Every line of the listing below is to be duplicated exactly, with the pictures left out.

▶

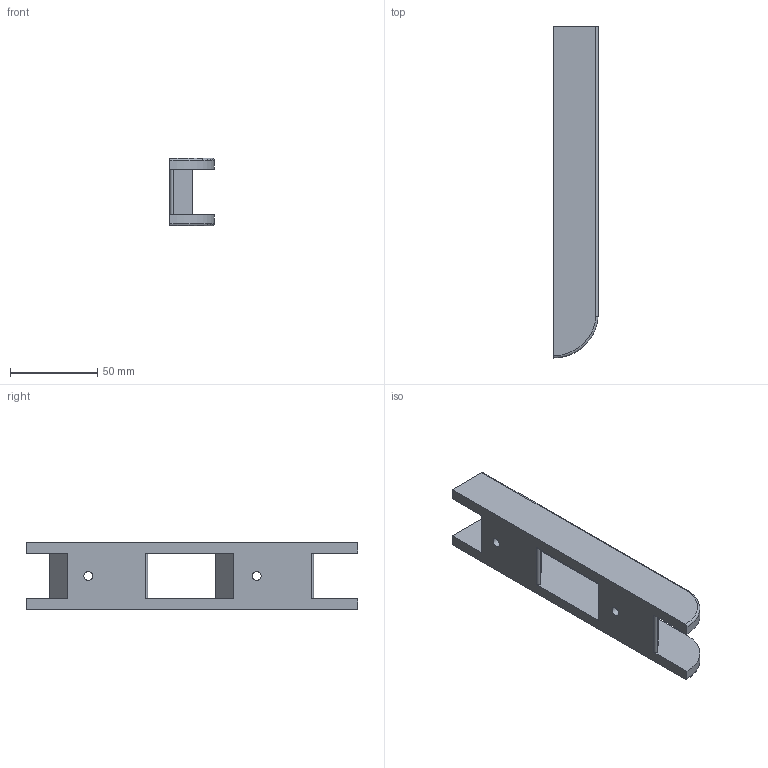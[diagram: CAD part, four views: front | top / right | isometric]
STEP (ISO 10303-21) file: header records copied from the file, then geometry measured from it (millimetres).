
FILE_DESCRIPTION(/* description */ ('STEP AP242','CAx-IF Rec.Pracs.---Representation and Presentation of Product Manufacturing Information (PMI)---4.0---2014-10-13','CAx-IF Rec.Pracs.---3D Tessellated Geometry---0.4---2014-09-14','2;1'),/* implementation_level */ '2;1');
FILE_NAME(/* name */ '677e1478248f357686529298',/* time_stamp */ '2025-01-08T06:00:25Z',/* author */ (''),/* organization */ (''),/* preprocessor_version */ 'ST-DEVELOPER v20',/* originating_system */ 'ONSHAPE BY PTC INC, 1.191',/* authorisation */ ' ');
FILE_SCHEMA (('AP242_MANAGED_MODEL_BASED_3D_ENGINEERING_MIM_LF { 1 0 10303 442 1 1 4 }'));
Length unit declared in the file: metre
Products named in the file (1): Wall Bracket-7.5
Bounding box: 25.4 x 190.5 x 38.74 mm (x, y, z)
Volume: 89537.6 mm3; surface area: 28435.5 mm2
Topology: 1 solids, 1 shells, 33 faces, 86 edges, 56 vertices
Faces by surface type: plane 17, cylinder 12, torus 2, cone 2
Full cylindrical faces by diameter (mm): 5.08 x2, 12.7 x2
Entity records: 1024 total; most frequent: CARTESIAN_POINT 178, DIRECTION 174, ORIENTED_EDGE 160, EDGE_CURVE 80, AXIS2_PLACEMENT_3D 62, VERTEX_POINT 56, LINE 50, VECTOR 50

◀

#### Exercise answer:
[diagram: CAD part, four views: front | top / right | isometric]
STEP (ISO 10303-21) file: header records copied from the file, then geometry measured from it (millimetres).
FILE_DESCRIPTION(/* description */ ('STEP AP242','CAx-IF Rec.Pracs.---Representation and Presentation of Product Manufacturing Information (PMI)---4.0---2014-10-13','CAx-IF Rec.Pracs.---3D Tessellated Geometry---0.4---2014-09-14','2;1'),/* implementation_level */ '2;1');
FILE_NAME(/* name */ '677e1478248f357686529298',/* time_stamp */ '2025-01-08T06:00:25Z',/* author */ (''),/* organization */ (''),/* preprocessor_version */ 'ST-DEVELOPER v20',/* originating_system */ 'ONSHAPE BY PTC INC, 1.191',/* authorisation */ ' ');
FILE_SCHEMA (('AP242_MANAGED_MODEL_BASED_3D_ENGINEERING_MIM_LF { 1 0 10303 442 1 1 4 }'));
Length unit declared in the file: metre
Products named in the file (1): Wall Bracket-7.5
Bounding box: 25.4 x 190.5 x 38.74 mm (x, y, z)
Volume: 89537.6 mm3; surface area: 28435.5 mm2
Topology: 1 solids, 1 shells, 33 faces, 86 edges, 56 vertices
Faces by surface type: plane 17, cylinder 12, torus 2, cone 2
Full cylindrical faces by diameter (mm): 5.08 x2, 12.7 x2
Entity records: 1024 total; most frequent: CARTESIAN_POINT 178, DIRECTION 174, ORIENTED_EDGE 160, EDGE_CURVE 80, AXIS2_PLACEMENT_3D 62, VERTEX_POINT 56, LINE 50, VECTOR 50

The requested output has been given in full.